An attorney for Dr. Stone--the only one of the three physicians who has remained in the United States to face charges--called the new charges “an accounting matter.”
“There may have been some accounting errors, but Dr. Stone, while he is a world-renowned physician, is not an accountant,” attorney John D. Barnett said.
Stone signed his income tax returns without knowing that the cash was not being reported, Barnett said. He said the office staff put the cash in an envelope “to keep it separate, so it would not get stolen. . . . There is nothing sinister about it.”
He said the amount of cash involved, for Stone’s part, was about $25,000 a year, “a small amount compared to the amount [of income] declared.” According to the indictment, Stone declared income of $320,809 in 1991 and $482,792 in 1992.
Barnett said Stone’s share of the cash was about half that of the other two doctors. The indictment reveals that Asch reported income of $572,654 in 1991 and $644,246 in 1992; Balmaceda declared $595,569 in 1991 and $723,225 in 1992.
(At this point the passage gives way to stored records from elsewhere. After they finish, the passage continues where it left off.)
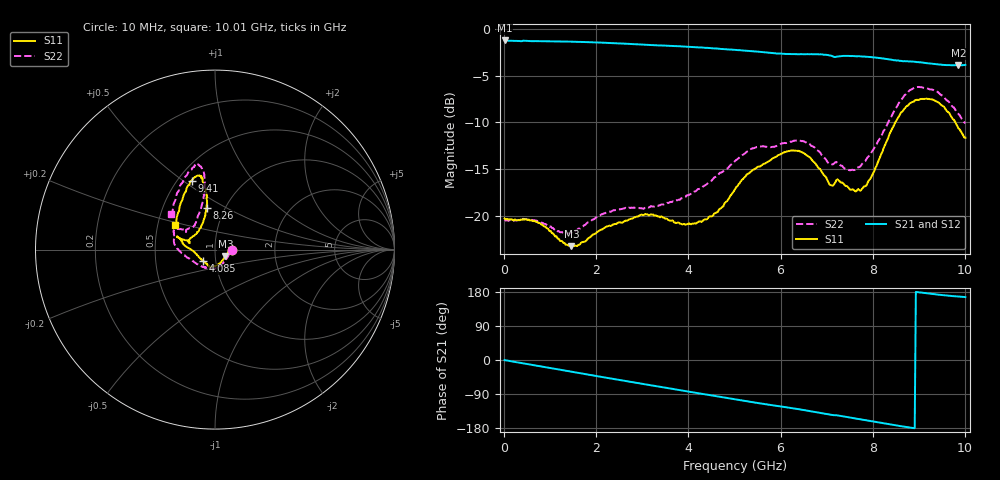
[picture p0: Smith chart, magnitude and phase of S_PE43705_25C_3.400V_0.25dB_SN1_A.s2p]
! Device ID: PE43705
! Serial: 1
! Insertion: A
! Impedance: 50 ohm
! Temp: 25C
! VDD: 3.400V
! Attenuation Step: 0.25dB
#  Hz  S  RI  R  50
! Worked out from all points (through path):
!   401 points, 10 MHz to 10.01 GHz, reference 50 ohm
!   highest |S21| = -1.26 dB at 10 MHz (marker M1); lowest = -3.9 dB at 9.86 GHz (marker M2)
!   group delay of S21, straight-line fit = 55.1 ps
!   lowest |S11| = -23.2 dB at 1.46 GHz (marker M3), VSWR 1.15, Z = 56 - j4.22 ohm
!   |S11| at or under -10 dB: start of sweep to 8.487 GHz; 9.793 GHz to end of sweep
!   |S22| runs from -21.9 to -6.2 dB; largest |S21 - S12| = 0.007
!   S11 on the Smith chart (normalised r, x): 10 MHz: 1.22, -0.00; 4.085 GHz: 0.87, -0.11; 8.26 GHz: 0.82, +0.41; 9.41 GHz: 0.59, +0.54; 10.01 GHz: 0.61, +0.18
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1e7  0.0973 -0.000861  0.8647 -0.0043  0.8654 -0.0041  0.0962 -0.00072
7.1e8  0.0926 0.0127  0.8281 -0.2221  0.8283 -0.2219  0.0945 0.00635
1.46e9  0.0582 -0.0375  0.7313 -0.4365  0.7316 -0.4366  0.0629 -0.0519
1.685e9  0.044 -0.0578  0.6905 -0.4943  0.6905 -0.4944  0.0465 -0.0742
2.235e9  0.00934 -0.0879  0.5704 -0.6155  0.5709 -0.6151  0.00145 -0.1052
3.36e9  -0.0321 -0.0943  0.2749 -0.7658  0.2758 -0.7653  -0.0576 -0.0987
4.085e9  -0.0646 -0.0646  0.0693 -0.7943  0.0698 -0.7942  -0.1131 -0.0723
4.585e9  -0.0986 -0.0321  -0.0717 -0.7811  -0.0709 -0.7807  -0.1557 -0.0444
5.01e9  -0.1392 0.00396  -0.1835 -0.7478  -0.1832 -0.7479  -0.1965 -0.00846
5.41e9  -0.1749 0.0278  -0.2795 -0.7027  -0.2789 -0.7035  -0.2277 0.0356
6.085e9  -0.2078 0.0713  -0.4115 -0.6074  -0.4086 -0.6065  -0.2288 0.0903
6.685e9  -0.1896 0.0594  -0.5227 -0.5099  -0.523 -0.509  -0.2059 0.1162
7.085e9  -0.14 0.0433  -0.5834 -0.4193  -0.5844 -0.4201  -0.1622 0.099
7.26e9  -0.1458 0.0536  -0.5948 -0.3908  -0.5929 -0.3921  -0.1501 0.1162
7.685e9  -0.1001 0.0974  -0.6491 -0.2955  -0.6482 -0.2954  -0.1108 0.145
7.91e9  -0.0754 0.1349  -0.6645 -0.2375  -0.6654 -0.2413  -0.0959 0.1853
8.26e9  -0.0469 0.2336  -0.6744 -0.1501  -0.6717 -0.1553  -0.0645 0.2829
8.36e9  -0.0448 0.2691  -0.6742 -0.1257  -0.6727 -0.1288  -0.0595 0.3208
8.86e9  -0.077 0.3993  -0.6672 -0.00925  -0.6633 -0.0129  -0.0888 0.469
9.41e9  -0.1308 0.3842  -0.6398 0.084  -0.638 0.083  -0.1444 0.4364
9.86e9  -0.1996 0.2154  -0.6212 0.1384  -0.6213 0.1377  -0.2226 0.2714
1.001e10  -0.2229 0.1381  -0.622 0.1552  -0.6243 0.153  -0.2434 0.1974
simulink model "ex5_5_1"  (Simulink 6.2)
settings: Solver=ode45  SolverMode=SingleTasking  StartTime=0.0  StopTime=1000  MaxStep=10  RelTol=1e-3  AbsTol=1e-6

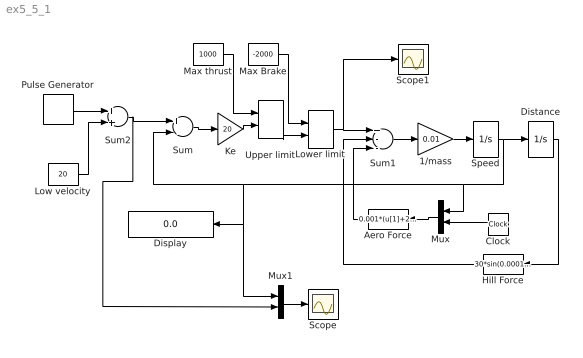
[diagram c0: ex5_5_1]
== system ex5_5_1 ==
  1/mass : Gain  Gain=0.01
  Aero Force : Fcn  Orientation=left  Expr=0.001*(u[1]+20*sin(0.01*u[2]))^2
  Clock : Clock
  Display : Display
  Distance : Integrator
  Hill Force : Fcn  Orientation=left  Expr=30*sin(0.0001*u[1])
  Ke : Gain  Gain=20
  Low velocity : Constant  Value=20
  Lower limit : MinMax  Function=max  Inputs=2
  Max Brake : Constant  Value=-2000
  Max thrust : Constant  Value=1000
  Mux : Mux  Orientation=left  Inputs=2
  Mux1 : Mux  Inputs=2
  Pulse Generator : DiscretePulseGenerator  PulseType=Time based  Amplitude=40  Period=500  PulseWidth=50
  Scope : Scope
  Scope1 : Scope
  Speed : Integrator
  Sum : Sum  Inputs=+-
  Sum1 : Sum  Inputs=+--
  Sum2 : Sum
  Upper limit : MinMax  Inputs=2
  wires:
  Speed/1 -> Distance/1, Mux/1, Sum/2, Display/1, Mux1/1
  Sum/1 -> Ke/1
  Mux/1 -> Aero Force/1
  Aero Force/1 -> Sum1/3
  Hill Force/1 -> Sum1/2
  Distance/1 -> Hill Force/1
  Sum1/1 -> 1/mass/1
  1/mass/1 -> Speed/1
  Ke/1 -> Upper limit/2
  Upper limit/1 -> Lower limit/2
  Max thrust/1 -> Upper limit/1
  Max Brake/1 -> Lower limit/1
  Clock/1 -> Mux/2
  Lower limit/1 -> Sum1/1, Scope1/1
  Pulse Generator/1 -> Sum2/1
  Sum2/1 -> Sum/1, Mux1/2
  Low velocity/1 -> Sum2/2
  Mux1/1 -> Scope/1
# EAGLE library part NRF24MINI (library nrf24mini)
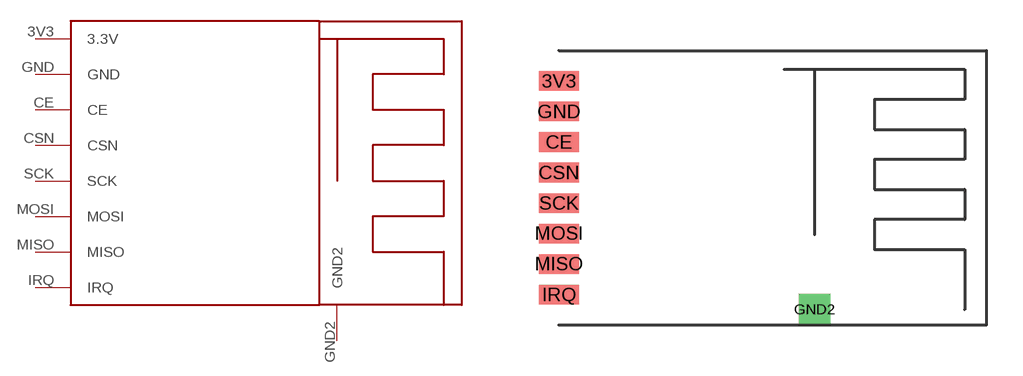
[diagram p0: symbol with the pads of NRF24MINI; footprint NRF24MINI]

Designator prefix -

## NRF24MINI  [NRF24MINI]
3V3  3.3V
CE  CE
CSN  CSN
GND  GND
GND2  GND2
IRQ  IRQ
MISO  MISO
MOSI  MOSI
SCK  SCK

## Footprint NRF24MINI (pad centres in mm)
smd 1.676 x 0.813: 3V3 0,8.89; CE 0,6.35; CSN 0,5.08; GND 0,7.62; IRQ 0,0; MISO 0,1.27; MOSI 0,2.54; SCK 0,3.81
drill 0.8 square: GND2 10.625,-0.625
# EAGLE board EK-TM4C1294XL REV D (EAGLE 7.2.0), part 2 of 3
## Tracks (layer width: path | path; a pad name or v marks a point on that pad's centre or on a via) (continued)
N$31 (continued)
  Top 0.152: 36.27,24.43 Y1.P$3 36.85,24.42 37.11,24.16 38.1,24.16 38.22,24.19 C44.1 | C44.1 38.48,24.17 | C44.1 38.25,24.16 38.18,24.08 38.18,23.47 38.75,22.9 39.44,22.9 39.55,22.78 43.89,22.78 44.42,23.32 44.45,23.32 U1.P$88
N$32
  Top 0.254: U10.P$15 25.7,41.88 26.29,41.3 26.29,40.01 26.14,39.85 23.24,39.85 22.4,40.69 R32.2
N$33
  Top 0.152: 29.26,29.72 30.25,29.72 31.24,30.71 34.82,30.71 35.51,30.02 37.8,30.02 38.1,29.72 38.4,29.72 U1.P$66 | 29.26,29.72 26.29,29.72 26.16,29.59 Y3.P$1 | 29.26,29.72 29.26,29.38 C48.1
N$34
  Top 0.254: U10.P$10 25.91,48.23 26.98,47.17 26.98,39.7 26.67,39.4 22.25,39.4 22.1,39.55 21.64,39.55 R43.2
N$36
  Top 0.254: R45.1 16.3,40.54 | 16.3,40.54 R46.1 | R43.1 20.66,40.53 | 20.66,40.53 20.65,40.54 | 20.66,40.53 20.69,40.5 | 20.69,40.5 R32.1 | 20.69,40.5 20.65,40.77 19.74,40.77 19.51,40.54 19.13,40.54 | 19.13,40.54 16.3,40.54 | C1.1 19.08,40.49 19.13,40.54
N$44
  Top 0.152: U14.4 7.12,45.2 U14.5
  Top 0.254: U14.4 7.07,45.2 6.1,46.18 5.94,46.18 4.65,44.88 4.65,41.99 5.94,40.69 11.73,40.69 12.45,41.4 R45.2
N$45
  Top 0.152: U14.7 7.12,49.28 U14.8
  Top 0.254: U14.8 7.14,49.28 6.1,48.23 6.02,48.23 3.89,46.1 3.89,42.06 5.94,40.01 15.38,40.01 R46.2
PA0  (via drill 0.3)
  Top 0.152: v64.92,26.09 64.95,26.06 67.74,26.06 69.65,24.16 71.93,24.16 72.06,24.18 JP4.2 | v63.27,43.38 62.94,43.05 56.39,43.05 55.85,43.59 50.06,43.59 49.53,43.05 49,43.05 47.49,41.55 U1.P$33 | v63.5,1.75 62.94,2.29 48.08,2.29 47.55,2.82 43.89,2.82 43.59,3.12 42.75,3.12 42.44,2.82 v32.84,2.82 32.99,2.67
  Bottom 0.152: v63.27,43.38 63.25,43.51 63.25,42.06 64.39,40.92 64.39,34.75 63.63,33.98 63.63,33.68 62.79,32.84 62.79,31.85 62.48,31.55 62.48,27.58 64.01,26.06 64.92,26.06 v64.92,26.09 64.92,21.95 63.86,20.8 63.86,6.71 63.55,6.4 63.55,1.83 63.48,1.75 v63.5,1.75 | v32.84,2.82 32.84,2.36 X11.74
PA1  (via drill 0.3)
  Top 0.152: 45.49,44.27 v45.95,44.27 44.35,44.27 44.12,44.04 42.9,44.04 42.29,44.65 38.94,44.65 37.95,43.66 v37.19,43.66 | v69.27,42.22 58.75,42.22 58.22,42.75 55.85,42.75 55.32,43.28 50.22,43.28 49.68,42.75 49.45,42.75 48.54,41.83 48.54,40.92 48.53,40.92 48.23,40.62 47.85,40.62 47.24,41.22 U1.P$34 46.33,42.14 v46.02,42.14
  Bottom 0.152: v46.02,42.14 46.02,42.6 45.95,42.67 v45.95,44.27 | v37.19,43.66 37.19,43.13 36.88,42.82 36.88,40.23 36.12,39.47 36.12,36.96 35.43,36.27 35.43,33.68 34.98,33.22 33.3,33.22 32.16,32.08 32.16,30.56 31.01,29.41 31.01,27.2 29.03,25.22 29.03,14.86 30.02,13.87 30.02,4.8 30.33,4.5 30.33,2.39 X11.76 | JP5.2 71.88,31.75 69.95,33.68 69.95,41.53 v69.27,42.22
PA2  (via drill 0.3)
  Top 0.152: 44,13.56 R20.2 44.04,13.6 44.04,14.02 44.35,14.33 47.47,14.33 47.62,14.48 v49.61,14.48 50.06,14.48 50.29,14.25 52.2,14.25 53.03,13.41 65.68,13.41 66.29,14.02 68.96,14.02 69.65,13.34 v70.56,13.34 | v117.81,6.78 114.38,6.78 114,6.4 113.23,6.4 113.16,6.33 108.89,6.33 108.58,6.02 106.53,6.02 106.22,5.71 97.16,5.71 96.85,6.02 v96.32,6.02 | v96.01,2.59 v71.02,2.59 | U1.P$35 48.31,39.59 v48.31,39.55
  Bottom 0.152: v48.31,39.55 48.31,39.09 48.16,38.94 48.16,34.59 48.92,33.83 48.92,31.47 49.99,30.4 49.99,29.79 49.23,29.03 49.23,25.45 49.91,24.77 49.91,23.55 49.68,23.32 49.68,14.48 v49.61,14.48 | 118.11,1.29 119.18,2.36 119.18,4.42 118.8,4.8 118.8,5.33 117.81,6.33 v117.81,6.78 | v96.32,6.02 96.32,2.9 v96.01,2.59 | v70.56,13.34 70.56,12.88 70.18,12.5 70.18,4.95 71.02,4.12 v71.02,2.59
  Bottom 0.254: 118.11,1.29 X11.6
PA3  (via drill 0.3)
  Top 0.152: v115.14,5.87 115.06,5.79 113.77,5.79 113.69,5.71 109.35,5.71 109.04,5.41 106.98,5.41 106.68,5.11 94.64,5.11 94.49,5.26 93.57,5.26 93.12,4.8 71.86,4.8 71.4,4.34 70.87,4.34 70.18,5.03 69.49,5.03 69.27,4.8 v68.81,4.8 | v68.73,13.26 68.05,13.26 67.82,13.49 66.6,13.49 66.22,13.11 52.88,13.11 52.05,13.95 50.37,13.95 49.61,13.18 v49.23,13.18 48.84,13.56 48.16,13.56 48.12,13.53 48.19,13.38 R19.2 | v46.94,38.63 46.94,39.17 47.32,39.55 47.32,40.01 U1.P$36
  Bottom 0.152: X11.8 115.57,2.31 114.53,3.35 114.53,4.19 115.14,4.8 v115.14,5.87 | v68.81,4.8 68.73,4.88 v68.73,13.26 | v46.94,38.63 46.94,38.1 47.24,37.8 47.24,33.91 48.01,33.15 48.01,28.19 47.4,27.58 47.4,26.36 48.31,25.45 48.31,22.94 49.07,22.17 49.07,16.38 48.31,15.62 48.31,14.1 v49.23,13.18
PA4  (via drill 0.3)
  Top 0.152: v110.11,47.09 109.65,46.63 107.9,46.63 107.59,46.94 90.3,46.94 88.16,44.81 76.96,44.81 75.59,46.18 70.56,46.18 68.66,44.27 62.71,44.27 62.1,43.66 56.84,43.66 56.31,44.2 49.76,44.2 49.23,43.66 46.94,43.66 46.63,43.36 45.41,43.36 | 45.41,43.36 42.06,43.36 41.76,43.66 41.22,43.66 41.17,43.61 v41.22,43.61 | U1.P$37 46.1,40.69 45.41,41.38 45.41,43.36
  Bottom 0.152: v41.22,43.61 41.22,43.66 40.16,44.73 40.16,51.28 X6.18 | X11.10 113.03,2.16 114.22,3.35 114.22,4.12 113.69,4.65 113.69,6.25 114.07,6.63 114.07,35.81 109.73,40.16 109.73,41.83 109.42,42.14 109.42,46.41 109.5,46.48 v110.11,47.09
PA5  (via drill 0.3)
  Top 0.152: v109.04,47.24 90.14,47.24 88.01,45.11 77.19,45.11 75.82,46.48 70.33,46.48 68.43,44.58 62.41,44.58 61.8,43.97 57.15,43.97 56.62,44.5 49.61,44.5 49.07,43.97 46.63,43.97 46.33,43.66 42.52,43.66 41.99,44.2 40.69,44.2 40.46,43.97 | 40.46,43.97 39.7,43.97 v39.29,43.99 | 40.46,43.97 40.46,43.43 40.92,42.98 44.65,42.98 45.11,42.52 45.11,41.07 45.13,41.07 U1.P$38
  Bottom 0.152: X6.20 36.85,52.05 36.85,51.23 39.32,48.77 39.32,44.5 v39.29,43.99 | X11.12 109.5,2.26 109.5,12.95 110.41,13.87 110.41,22.02 109.35,23.09 109.35,24.23 111.1,25.98 111.1,36.35 109.12,38.33 109.12,46.56 109.04,46.63 v109.04,47.24
PA6  (via drill 0.3)
  Top 0.152: X8.16 104.17,50.83 102.41,50.83 101.65,50.06 98.68,50.06 98.37,50.37 v93.88,50.37 93.57,50.06 90.6,50.06 86.87,46.33 78.11,46.33 76.73,47.7 68.73,47.7 67.13,46.1 58.9,46.1 58.37,45.57 55.78,45.57 55.55,45.8 v44.5,45.8 | v44.12,42.37 43.81,42.06 43.81,40.92 44.12,40.62 44.45,40.62 U1.P$40
  Bottom 0.152: v93.88,50.37 92.73,49.23 92.73,25.91 90.98,24.16 90.98,19.58 94.64,15.93 94.64,14.4 93.04,12.8 93.04,5.71 92.73,5.41 92.73,3.83 X11.25 | v44.12,42.37 44.5,42.75 v44.5,45.8
PA7  (via drill 0.3)
  Top 0.152: v90.14,8.15 89.76,8.53 76.89,8.53 76.58,8.23 72.54,8.23 72.24,8.53 v67.59,8.53 66.98,8.53 66.9,8.46 62.56,8.46 62.03,7.85 54.18,7.85 53.14,8.89 X7.8 | v43.2,41 43.97,40.23 44.27,40.23 U1.P$41 | v43.43,45.49 43.74,45.19 44.96,45.19 45.26,45.49 48.84,45.49 49.15,45.19 58.75,45.19 58.98,45.49 v65.46,45.49
  Bottom 0.152: X11.27 90.14,3.83 v90.14,8.15 | v43.2,41 43.2,42.52 43.51,42.82 43.51,44.5 43.43,44.58 v43.43,45.49 | v65.46,45.49 65.46,36.5 68.66,33.3 68.66,28.19 67.97,27.51 67.97,15.24 67.74,15.01 67.74,12.88 67.89,12.72 67.89,12.34 67.74,12.19 67.74,9.14 67.59,8.99 v67.59,8.53
PB0  (via drill 0.3)
  Top 0.152: v54.79,6.02 54.48,5.79 48.31,5.79 48.23,5.71 42.67,5.71 42.6,5.79 v41.3,5.79 41.22,5.87 | R18.1 18.94,22.63 26.36,22.63 30.79,18.21 36.04,18.21 37.26,19.43 41.76,19.43 v42.06,19.74 43.43,21.11 46.18,21.11 47.19,22.12 U1.P$95
  Bottom 0.152: X11.58 52.07,2.16 53.42,3.5 53.42,4.19 54.79,5.56 v54.79,6.02 | v41.3,5.79 39.93,7.16 39.93,7.92 40.46,8.46 40.46,11.51 41.53,12.57 41.53,13.49 41.15,13.87 41.15,16.08 42.06,16.99 v42.06,19.74
PB2  (via drill 0.3)
  Top 0.152: X8.17 102.62,54.61 101.58,53.57 92.2,53.57 v91.44,52.81 | v91.44,51.51 90.22,51.51 85.95,47.24 78.79,47.24 76.5,49.53 67.97,49.53 66.14,47.7 55.24,47.7 54.79,47.32 v47.55,47.32 v38.56,47.32 | v48.31,26.75 48.31,25.07 47.17,23.93 46.79,23.93 46.25,23.39 46.22,23.39 U1.P$91 | v38.71,5.49 v36.2,5.49
  Bottom 0.152: v91.44,52.81 v91.44,51.51 | v47.55,47.32 47.55,44.2 48.46,43.28 48.46,41.15 47.55,40.23 47.55,39.4 47.85,39.09 47.85,34.37 48.62,33.6 48.62,27.81 48.31,27.51 v48.31,26.75 | X11.67 39.37,4.85 v38.71,5.49 | v36.2,5.49 35.2,6.48 35.2,7.7 35.51,8 35.51,10.82 35.81,11.12 35.81,26.82 36.35,27.36 36.35,27.81 35.36,28.8 35.36,31.17 36.2,32 36.2,36.04 36.73,36.58 36.73,39.09 37.49,39.85 37.49,42.14 38.1,42.75 38.1,44.88 37.87,45.11 37.87,46.63 v38.56,47.32
PB3  (via drill 0.3)
  Top 0.152: X8.19 95.45,54.61 94.79,53.95 91.67,53.95 85.57,47.85 79.32,47.85 77.04,50.14 67.36,50.14 65.53,48.31 54.63,48.31 54.56,48.23 47.09,48.23 46.79,48.54 v46.33,48.54 46.02,48.23 43.97,48.23 43.59,48.62 v38.48,48.62 | v49,24 48.54,24 48.16,23.62 47.01,23.62 U1.P$92
  Bottom 0.152: v46.33,48.54 46.33,44.88 48.08,43.13 48.08,41.38 47.24,40.54 47.24,39.24 47.55,38.94 47.55,34.14 48.31,33.38 48.31,28.04 47.7,27.43 47.7,26.52 48.62,25.6 48.62,25.07 49,24.69 v49,24 | X11.69 36.83,3.86 35.36,5.33 35.05,5.33 34.44,5.94 34.44,7.47 35.13,8.15 35.13,11.2 35.43,11.51 35.43,26.21 34.9,26.75 34.9,31.39 35.81,32.31 35.81,36.2 36.42,36.8 36.42,39.24 37.19,40.01 37.19,42.44 37.8,43.05 37.8,44.65 37.57,44.88 37.57,47.7 v38.48,48.62
PB4  (via drill 0.3)
  Top 0.152: v94.03,12.65 v78.56,12.65 | v94.03,4.65 94.56,4.65 94.72,4.8 106.91,4.8 107.21,5.11 109.19,5.11 109.5,5.41 113.92,5.41 114,5.49 114.68,5.49 114.91,5.26 117.65,5.26 v117.81,5.41 | v78.56,26.75 76.5,26.75 75.29,27.96 71.25,27.96 70.56,27.28 57.84,27.28 57.07,28.04 57.03,28.04 U1.P$121 55.85,29.21 55.85,29.87 56.24,30.25 v56.24,30.94
  Bottom 0.152: v78.56,12.65 78.56,17.6 78.87,17.91 78.87,20.04 78.56,20.34 v78.56,26.75 | v94.03,12.65 v94.03,4.65 | v117.81,5.41 117.81,4.95 118.11,4.65 X11.5 | X6.6 54.61,50.88 53.87,50.14 53.87,44.27 54.41,43.74 54.41,33.07 56.24,31.24 v56.24,30.94
PB5  (via drill 0.3)
  Top 0.152: v116.05,5.87 116.05,6.48 114.83,6.48 114.45,6.1 113.46,6.1 113.39,6.02 109.12,6.02 108.81,5.71 106.76,5.71 106.45,5.41 94.87,5.41 94.72,5.56 93.34,5.56 93.19,5.41 86.87,5.41 86.56,5.11 71.25,5.11 v71.09,5.03 | v69.57,26.67 68.5,26.67 68.2,26.98 57.68,26.98 56.92,27.74 56.77,27.74 U1.P$120 55.47,29.03 55.47,30.1 v54.71,30.86
  Bottom 0.152: X11.7 115.57,5.38 v116.05,5.87 | v71.09,5.03 71.09,8.38 71.48,8.76 71.48,20.88 70.56,21.79 70.56,23.62 71.09,24.16 71.09,25.15 v69.57,26.67 | X6.8 52.07,51.03 52.88,50.22 52.88,43.74 53.49,43.13 53.49,32.16 v54.71,30.86
PC4  (via drill 0.3)  (1 unrouted)
  Top 0.152: v98.22,48.54 100.51,48.54 100.81,48.84 101.88,48.84 102.18,48.54 109.88,48.54 111.18,49.84 v117.96,49.84 | v95.33,37.57 94.87,37.57 94.72,37.72 85.04,37.72 84.2,36.88 78.33,36.88 77.5,37.72 71.09,37.72 67.51,41.3 57.99,41.3 57.91,41.38 52.73,41.38 52.27,40.92 52.27,40.2 U1.P$25
  Bottom 0.152: v98.22,48.54 98.3,40.84 98.3,39.55 96.32,37.57 v95.33,37.57 95.33,31.24 96.62,29.95 96.62,28.42 96.39,28.19 96.39,26.98 96.55,26.82 99.44,23.85 99.44,19.13 95.33,15.01 95.33,3.89 X11.23 | v117.96,49.84 117.96,50.37 119.18,51.59 119.18,53.54 X8.5
PC5  (via drill 0.3)  (1 unrouted)
  Top 0.152: v99.06,47.93 100.43,47.93 101.04,48.54 101.65,48.54 101.96,48.23 110.41,48.23 110.72,48.54 111.33,49.23 v116.74,49.23 | v97.54,37.26 97.08,37.26 96.77,36.96 95.02,36.96 94.56,37.41 85.27,37.41 84.43,36.58 78.11,36.58 77.27,37.41 70.87,37.41 67.28,41 57.76,41 57.68,41.07 52.88,41.07 52.58,40.77 52.58,39.94 U1.P$24
  Bottom 0.152: X8.7 115.57,53.67 116.74,52.5 v116.74,49.23 | v99.06,47.93 99.06,39.01 97.54,37.49 v97.54,37.26 97.54,28.5 100.36,25.68 100.36,18.67 99.9,18.21 99.9,15.54 99.59,15.24 99.59,13.34 98.53,12.27 98.53,5.79 97.54,4.8 97.54,4.04 97.74,3.83 97.77,3.83 X11.21
PC6  (via drill 0.3)  (1 unrouted)
  Top 0.152: v111.48,48.16 111.25,47.93 v101.35,47.93 | v100.81,37.03 100.43,36.65 94.79,36.65 94.34,37.11 85.5,37.11 84.66,36.27 77.8,36.27 76.96,37.11 70.64,37.11 67.06,40.69 57.61,40.69 57.53,40.77 53.11,40.77 52.88,40.54 52.88,39.67 U1.P$23
  Bottom 0.152: X8.9 112.01,53.59 112.01,48.69 v111.48,48.16 | v101.35,47.93 101.35,40.62 101.19,40.46 101.19,37.41 v100.81,37.03 100.81,34.82 100.58,34.52 100.58,27.43 103.1,24.92 103.1,14.33 101.35,12.57 101.35,4.95 100.33,3.94 X11.19
PC7  (via drill 0.3)  (1 unrouted)
  Top 0.152: v101.8,37.49 101.8,36.96 101.19,36.35 94.56,36.35 94.11,36.8 85.72,36.8 84.89,35.97 77.57,35.97 76.73,36.8 70.41,36.8 66.83,40.39 57.45,40.39 57.38,40.46 53.34,40.46 53.19,40.31 53.19,39.41 U1.P$22
  Bottom 0.152: X11.17 102.87,7.09 101.8,8.15 101.8,12.5 103.4,14.1 103.4,25.22 100.97,27.66 100.97,32.38 101.8,33.22 v101.8,37.49 101.5,37.8 101.5,40.08 101.8,40.39 101.8,47.32 101.96,47.47 101.96,49.61 104.09,51.74 104.09,53.29 X8.15
PD0  (via drill 0.3)
  Top 0.152: X9.14 107.95,8.74 107.06,7.85 104.93,7.85 104.62,7.54 99.67,7.54 98.91,8.31 92.73,8.31 91.67,7.24 86.33,7.24 85.72,7.85 84.35,7.85 84.12,7.62 78.41,7.62 77.72,6.93 70.18,6.93 69.49,7.62 66.45,7.62 66.22,7.85 63.86,7.85 v63.25,7.24 | v62.18,32.23 61.87,32.54 58.65,32.54 U1.P$1
  Bottom 0.152: X11.50 63.25,2.36 v63.25,7.24 63.25,8.53 63.55,8.84 63.55,21.03 64.62,22.17 64.62,24.92 62.18,27.36 v62.18,32.23
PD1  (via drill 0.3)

The conspiracy count further charges that the doctors had their staff submit copies of the “falsified partnership books” to their accountant for tax preparation. After one of the employees told the accountant that the clinic was keeping cash payments off the books, the accountant met with Stone on Aug. 2, 1993, it states. Stone “agreed that the understatement of income posed significant problems for the physicians,” indicated that he would confer with Asch and Balmaceda, “and claimed he would follow up on the matter with the tax accountant,” the indictment states. The three failed to authorize the accountant to file amended tax returns, the indictment says.
Stone’s attorney said the indictment shows that Stone did not know that his income figure was incorrect at the time he signed his tax returns. “In other words, it was done innocently,” he said.
Barnett would not say whether Stone ever filed amended tax returns.